4. RISK MONITORING AND CONTROL

Risk monitoring and control is required in order to:

• Ensure the execution of the risk plans and evaluate their effectiveness in reducing risk.

• Keep track of the identified risks, including the watch list.

• Monitor trigger conditions for future possible risks.

• Monitor residual risks and identify new risks arising during project execution.

• Update the organizational process assets.

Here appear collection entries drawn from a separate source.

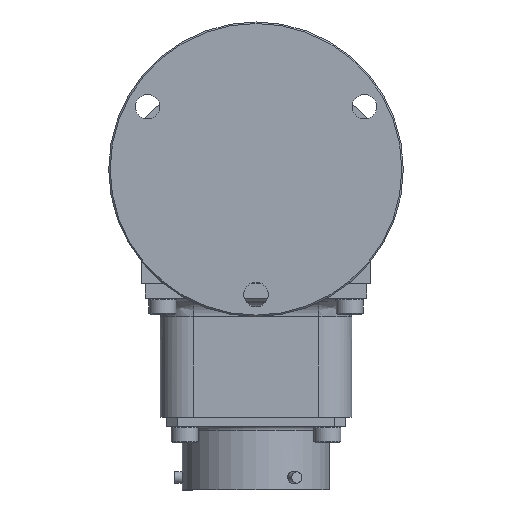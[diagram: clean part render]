
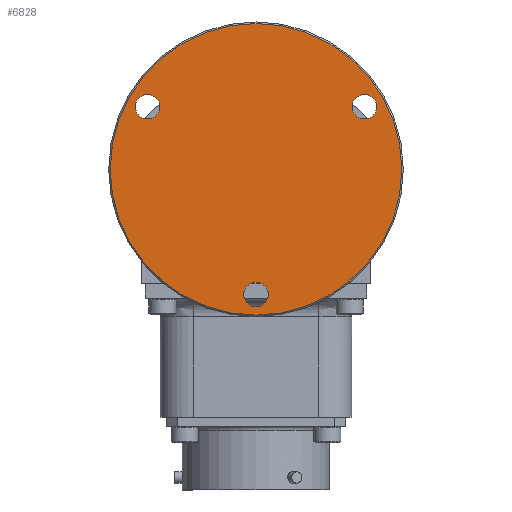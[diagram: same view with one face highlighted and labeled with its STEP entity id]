
A CAD part, front view. The second image highlights one B-rep face of the part: STEP entity #6828.
In plain terms, the highlighted planar face has unit normal (0, -1, 0).
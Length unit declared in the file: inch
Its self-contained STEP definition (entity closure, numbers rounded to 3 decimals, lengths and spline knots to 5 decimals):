
#42 = FACE_BOUND ( 'NONE', #9958, .T. ) ;
#227 = CIRCLE ( 'NONE', #5821, 0.083 ) ;
#612 = AXIS2_PLACEMENT_3D ( 'NONE', #6187, #954, #13796 ) ;
#669 = CARTESIAN_POINT ( 'NONE',  ( 0., 0.003, -0.85 ) ) ;
#726 = FACE_BOUND ( 'NONE', #3124, .T. ) ;
#871 = EDGE_CURVE ( 'NONE', #11244, #3067, #227, .T. ) ;
#954 = DIRECTION ( 'NONE',  ( 0., 1., 0. ) ) ;
#1266 = ORIENTED_EDGE ( 'NONE', *, *, #5265, .T. ) ;
#1434 = ORIENTED_EDGE ( 'NONE', *, *, #871, .T. ) ;
#1742 = CARTESIAN_POINT ( 'NONE',  ( 0., 0.003, -0.933 ) ) ;
#1810 = DIRECTION ( 'NONE',  ( 0., 0., 1. ) ) ;
#1860 = CIRCLE ( 'NONE', #8643, 0.083 ) ;
#1943 = DIRECTION ( 'NONE',  ( 0., 1., 0. ) ) ;
#2713 = DIRECTION ( 'NONE',  ( 0., 1., 0. ) ) ;
#3062 = ORIENTED_EDGE ( 'NONE', *, *, #7902, .T. ) ;
#3067 = VERTEX_POINT ( 'NONE', #1742 ) ;
#3124 = EDGE_LOOP ( 'NONE', ( #10372, #1266 ) ) ;
#3235 = DIRECTION ( 'NONE',  ( 0., 0., 1. ) ) ;
#3236 = CARTESIAN_POINT ( 'NONE',  ( 0., 0.003, 0.9895 ) ) ;
#3461 = DIRECTION ( 'NONE',  ( 0., 1., 0. ) ) ;
#3671 = DIRECTION ( 'NONE',  ( 0., 1., 0. ) ) ;
#3776 = DIRECTION ( 'NONE',  ( 0., 0., 1. ) ) ;
#4051 = VERTEX_POINT ( 'NONE', #10373 ) ;
#4395 = DIRECTION ( 'NONE',  ( 0., 0., 1. ) ) ;
#4429 = VERTEX_POINT ( 'NONE', #10267 ) ;
#4468 = AXIS2_PLACEMENT_3D ( 'NONE', #11136, #3671, #5767 ) ;
#4546 = DIRECTION ( 'NONE',  ( 0., 1., 0. ) ) ;
#5154 = CIRCLE ( 'NONE', #612, 0.083 ) ;
#5265 = EDGE_CURVE ( 'NONE', #4051, #9458, #8609, .T. ) ;
#5346 = DIRECTION ( 'NONE',  ( 0., -1., 0. ) ) ;
#5462 = CARTESIAN_POINT ( 'NONE',  ( 0., 0.003, -0.767 ) ) ;
#5583 = EDGE_LOOP ( 'NONE', ( #7737, #13678 ) ) ;
#5662 = CARTESIAN_POINT ( 'NONE',  ( 0., 0.003, -0.85 ) ) ;
#5676 = EDGE_CURVE ( 'NONE', #13746, #4429, #5154, .T. ) ;
#5767 = DIRECTION ( 'NONE',  ( 0., 0., 1. ) ) ;
#5821 = AXIS2_PLACEMENT_3D ( 'NONE', #5662, #3461, #7809 ) ;
#6008 = CIRCLE ( 'NONE', #13819, 0.083 ) ;
#6187 = CARTESIAN_POINT ( 'NONE',  ( 0.73612, 0.003, 0.425 ) ) ;
#6661 = CARTESIAN_POINT ( 'NONE',  ( 0.73612, 0.003, 0.425 ) ) ;
#6681 = CIRCLE ( 'NONE', #12113, 0.9895 ) ;
#6828 = ADVANCED_FACE ( 'NONE', ( #726, #11381, #42, #7541 ), #7243, .T. ) ;
#7129 = AXIS2_PLACEMENT_3D ( 'NONE', #9268, #12447, #11318 ) ;
#7243 = PLANE ( 'NONE',  #8253 ) ;
#7353 = CARTESIAN_POINT ( 'NONE',  ( 0., 0.003, 0. ) ) ;
#7369 = CIRCLE ( 'NONE', #7129, 0.9895 ) ;
#7541 = FACE_OUTER_BOUND ( 'NONE', #11789, .T. ) ;
#7737 = ORIENTED_EDGE ( 'NONE', *, *, #5676, .T. ) ;
#7809 = DIRECTION ( 'NONE',  ( 0., 0., 1. ) ) ;
#7894 = CARTESIAN_POINT ( 'NONE',  ( -0.73612, 0.003, 0.425 ) ) ;
#7902 = EDGE_CURVE ( 'NONE', #13088, #12048, #7369, .T. ) ;
#8047 = EDGE_CURVE ( 'NONE', #4429, #13746, #8872, .T. ) ;
#8253 = AXIS2_PLACEMENT_3D ( 'NONE', #12564, #11531, #12474 ) ;
#8609 = CIRCLE ( 'NONE', #4468, 0.083 ) ;
#8643 = AXIS2_PLACEMENT_3D ( 'NONE', #7894, #2713, #3776 ) ;
#8872 = CIRCLE ( 'NONE', #12206, 0.083 ) ;
#9268 = CARTESIAN_POINT ( 'NONE',  ( 0., 0.003, 0. ) ) ;
#9458 = VERTEX_POINT ( 'NONE', #12571 ) ;
#9590 = CARTESIAN_POINT ( 'NONE',  ( 0.73612, 0.003, 0.508 ) ) ;
#9785 = EDGE_CURVE ( 'NONE', #9458, #4051, #1860, .T. ) ;
#9830 = ORIENTED_EDGE ( 'NONE', *, *, #10336, .T. ) ;
#9958 = EDGE_LOOP ( 'NONE', ( #1434, #9830 ) ) ;
#10267 = CARTESIAN_POINT ( 'NONE',  ( 0.73612, 0.003, 0.342 ) ) ;
#10293 = CARTESIAN_POINT ( 'NONE',  ( 0., 0.003, -0.9895 ) ) ;
#10336 = EDGE_CURVE ( 'NONE', #3067, #11244, #6008, .T. ) ;
#10372 = ORIENTED_EDGE ( 'NONE', *, *, #9785, .T. ) ;
#10373 = CARTESIAN_POINT ( 'NONE',  ( -0.73612, 0.003, 0.342 ) ) ;
#11136 = CARTESIAN_POINT ( 'NONE',  ( -0.73612, 0.003, 0.425 ) ) ;
#11244 = VERTEX_POINT ( 'NONE', #5462 ) ;
#11318 = DIRECTION ( 'NONE',  ( 0., 0., 1. ) ) ;
#11381 = FACE_BOUND ( 'NONE', #5583, .T. ) ;
#11531 = DIRECTION ( 'NONE',  ( 0., -1., 0. ) ) ;
#11789 = EDGE_LOOP ( 'NONE', ( #3062, #11912 ) ) ;
#11912 = ORIENTED_EDGE ( 'NONE', *, *, #13757, .T. ) ;
#12048 = VERTEX_POINT ( 'NONE', #10293 ) ;
#12113 = AXIS2_PLACEMENT_3D ( 'NONE', #7353, #5346, #3235 ) ;
#12206 = AXIS2_PLACEMENT_3D ( 'NONE', #6661, #4546, #4395 ) ;
#12447 = DIRECTION ( 'NONE',  ( 0., -1., 0. ) ) ;
#12474 = DIRECTION ( 'NONE',  ( 0., 0., -1. ) ) ;
#12564 = CARTESIAN_POINT ( 'NONE',  ( 0., 0.003, 0. ) ) ;
#12571 = CARTESIAN_POINT ( 'NONE',  ( -0.73612, 0.003, 0.508 ) ) ;
#13088 = VERTEX_POINT ( 'NONE', #3236 ) ;
#13678 = ORIENTED_EDGE ( 'NONE', *, *, #8047, .T. ) ;
#13746 = VERTEX_POINT ( 'NONE', #9590 ) ;
#13757 = EDGE_CURVE ( 'NONE', #12048, #13088, #6681, .T. ) ;
#13796 = DIRECTION ( 'NONE',  ( 0., 0., 1. ) ) ;
#13819 = AXIS2_PLACEMENT_3D ( 'NONE', #669, #1943, #1810 ) ;

INPUTS TO RISK MONITORING AND CONTROL

RISK REGISTER

Contains outputs of the other processes: identified risks & owners, risk responses, triggers and warning signs.

APPROVED CHANGE REQUESTS

Approved changes include modifications such as to scope, schedule, method of work, or contract terms. This
may often require new risk analysis to consider impact on existing plan and identifying new risks and
corresponding responses.

WORK PERFORMANCE INFORMATION

Project status and performance reports are necessary for risk monitoring and control of risks.

TOOLS AND TECHNIQUES FOR RISK MONITORING AND CONTROL

1. RISK REASSESSMENT

• Project risk reviews at all team meetings.

• Major reviews at major milestones

• Risk ratings and prioritization may change during the life of the project. Changes may require additional
qualitative or quantitative risk analysis.

2. RISK AUDITS

Examine and document the effectiveness of the risk response planning in controlling risk.

3. VARIANCE AND TREND ANALYSIS

Used for monitoring overall project cost & Schedule performance against a baseline plan. Significant deviations
indicate that updated risk identification and analysis should be performed.

4. RESERVE ANALYSIS

Reserve analysis compares available reserves(as the risk affects the schedules or cost) with amount of risk
remaining at the time and determines whether reserves are sufficient or not.
5. STATUS MEETINGS

Risk management can be addressed regularly by including the subject in project meetings.

OUTPUTS FROM RISK MONITORING AND CONTROL

1. RISK REGISTER UPDATES

Risk register is updated to include:

• Outcome of risk reassessments, risk audits and periodic risk reviews. These may include updates to
probability, impact, priority, response plans, ownership, etc.

• Actual outcome of risks, and of risk responses that becomes part of the project file to be utilized on
future projects.

2. CORRECTIVE ACTION.

• Corrective action consists of performing the contingency plan or workaround (previously unplanned
responses to emerging risks). Workarounds must be properly documented and incorporated into the
project plan and risk response plan.

3. RECOMMENDED PREVENTIVE ACTIONS

• Used to direct project towards compliance with the project management plan.

4. PROJECT CHANGE REQUESTS

• Implementing contingency plans or workarounds frequently results in a requirement to change the


project plan to respond to risks. The result is issuance of a change request that is managed by overall
change control.

5. ORGANIZATIONAL PROCESS ASSETS UPDATES

• Information gained through the risk management processes are collected and kept for use by future
projects: Templates for risk management plan, probability-impact matrix, risk register, lessons learned,
updated RBS.

6. PROJECT MANAGEMENT PLAN UPDATES

• Updates to the project management plan as a result of approval of requested changes.